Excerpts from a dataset
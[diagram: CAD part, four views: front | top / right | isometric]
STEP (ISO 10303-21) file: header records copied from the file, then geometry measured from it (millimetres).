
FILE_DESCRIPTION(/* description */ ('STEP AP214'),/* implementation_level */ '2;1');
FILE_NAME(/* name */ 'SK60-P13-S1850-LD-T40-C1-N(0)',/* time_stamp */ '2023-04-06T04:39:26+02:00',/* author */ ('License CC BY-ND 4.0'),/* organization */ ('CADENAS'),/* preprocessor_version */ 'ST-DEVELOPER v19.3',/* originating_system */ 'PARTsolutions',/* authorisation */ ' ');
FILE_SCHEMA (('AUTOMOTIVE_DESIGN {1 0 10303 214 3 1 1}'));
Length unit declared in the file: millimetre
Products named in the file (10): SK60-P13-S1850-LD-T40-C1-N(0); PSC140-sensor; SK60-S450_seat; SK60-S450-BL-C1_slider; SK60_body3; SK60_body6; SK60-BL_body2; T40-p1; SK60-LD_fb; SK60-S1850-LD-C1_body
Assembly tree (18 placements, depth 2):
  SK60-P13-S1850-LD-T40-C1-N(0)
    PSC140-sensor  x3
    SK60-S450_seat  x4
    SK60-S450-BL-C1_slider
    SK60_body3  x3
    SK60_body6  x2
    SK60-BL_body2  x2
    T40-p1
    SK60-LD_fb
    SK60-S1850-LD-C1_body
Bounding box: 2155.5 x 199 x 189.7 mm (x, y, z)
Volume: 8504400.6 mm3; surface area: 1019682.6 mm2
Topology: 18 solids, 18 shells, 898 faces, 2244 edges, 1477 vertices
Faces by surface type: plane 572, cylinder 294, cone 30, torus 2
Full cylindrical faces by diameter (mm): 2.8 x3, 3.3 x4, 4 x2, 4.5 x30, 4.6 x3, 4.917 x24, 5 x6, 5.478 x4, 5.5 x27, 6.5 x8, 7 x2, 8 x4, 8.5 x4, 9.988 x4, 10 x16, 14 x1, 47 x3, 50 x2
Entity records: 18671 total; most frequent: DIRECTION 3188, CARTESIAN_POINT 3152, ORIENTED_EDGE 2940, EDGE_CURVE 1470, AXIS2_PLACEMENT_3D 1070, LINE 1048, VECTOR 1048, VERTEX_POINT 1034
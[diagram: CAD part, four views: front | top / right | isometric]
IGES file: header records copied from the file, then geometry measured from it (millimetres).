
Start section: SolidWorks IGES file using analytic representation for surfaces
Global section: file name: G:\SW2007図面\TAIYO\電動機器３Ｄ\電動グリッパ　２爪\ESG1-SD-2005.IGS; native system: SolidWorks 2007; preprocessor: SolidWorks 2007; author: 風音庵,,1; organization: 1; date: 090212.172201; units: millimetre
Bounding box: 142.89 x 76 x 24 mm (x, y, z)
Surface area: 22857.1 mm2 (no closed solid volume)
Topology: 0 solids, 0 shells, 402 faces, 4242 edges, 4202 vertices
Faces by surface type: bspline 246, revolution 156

■ EXERCISE AIM:
Transcribe every line above, character for character.

■ EXERCISE RESULT:
[diagram: CAD part, four views: front | top / right | isometric]
STEP (ISO 10303-21) file: header records copied from the file, then geometry measured from it (millimetres).
FILE_DESCRIPTION(/* description */ ('STEP AP214'),/* implementation_level */ '2;1');
FILE_NAME(/* name */ 'SK60-P13-S1850-LD-T40-C1-N(0)',/* time_stamp */ '2023-04-06T04:39:26+02:00',/* author */ ('License CC BY-ND 4.0'),/* organization */ ('CADENAS'),/* preprocessor_version */ 'ST-DEVELOPER v19.3',/* originating_system */ 'PARTsolutions',/* authorisation */ ' ');
FILE_SCHEMA (('AUTOMOTIVE_DESIGN {1 0 10303 214 3 1 1}'));
Length unit declared in the file: millimetre
Products named in the file (10): SK60-P13-S1850-LD-T40-C1-N(0); PSC140-sensor; SK60-S450_seat; SK60-S450-BL-C1_slider; SK60_body3; SK60_body6; SK60-BL_body2; T40-p1; SK60-LD_fb; SK60-S1850-LD-C1_body
Assembly tree (18 placements, depth 2):
  SK60-P13-S1850-LD-T40-C1-N(0)
    PSC140-sensor  x3
    SK60-S450_seat  x4
    SK60-S450-BL-C1_slider
    SK60_body3  x3
    SK60_body6  x2
    SK60-BL_body2  x2
    T40-p1
    SK60-LD_fb
    SK60-S1850-LD-C1_body
Bounding box: 2155.5 x 199 x 189.7 mm (x, y, z)
Volume: 8504400.6 mm3; surface area: 1019682.6 mm2
Topology: 18 solids, 18 shells, 898 faces, 2244 edges, 1477 vertices
Faces by surface type: plane 572, cylinder 294, cone 30, torus 2
Full cylindrical faces by diameter (mm): 2.8 x3, 3.3 x4, 4 x2, 4.5 x30, 4.6 x3, 4.917 x24, 5 x6, 5.478 x4, 5.5 x27, 6.5 x8, 7 x2, 8 x4, 8.5 x4, 9.988 x4, 10 x16, 14 x1, 47 x3, 50 x2
Entity records: 18671 total; most frequent: DIRECTION 3188, CARTESIAN_POINT 3152, ORIENTED_EDGE 2940, EDGE_CURVE 1470, AXIS2_PLACEMENT_3D 1070, LINE 1048, VECTOR 1048, VERTEX_POINT 1034
[diagram: CAD part, four views: front | top / right | isometric]
IGES file: header records copied from the file, then geometry measured from it (millimetres).
Start section: SolidWorks IGES file using analytic representation for surfaces
Global section: file name: G:\SW2007図面\TAIYO\電動機器３Ｄ\電動グリッパ　２爪\ESG1-SD-2005.IGS; native system: SolidWorks 2007; preprocessor: SolidWorks 2007; author: 風音庵,,1; organization: 1; date: 090212.172201; units: millimetre
Bounding box: 142.89 x 76 x 24 mm (x, y, z)
Surface area: 22857.1 mm2 (no closed solid volume)
Topology: 0 solids, 0 shells, 402 faces, 4242 edges, 4202 vertices
Faces by surface type: bspline 246, revolution 156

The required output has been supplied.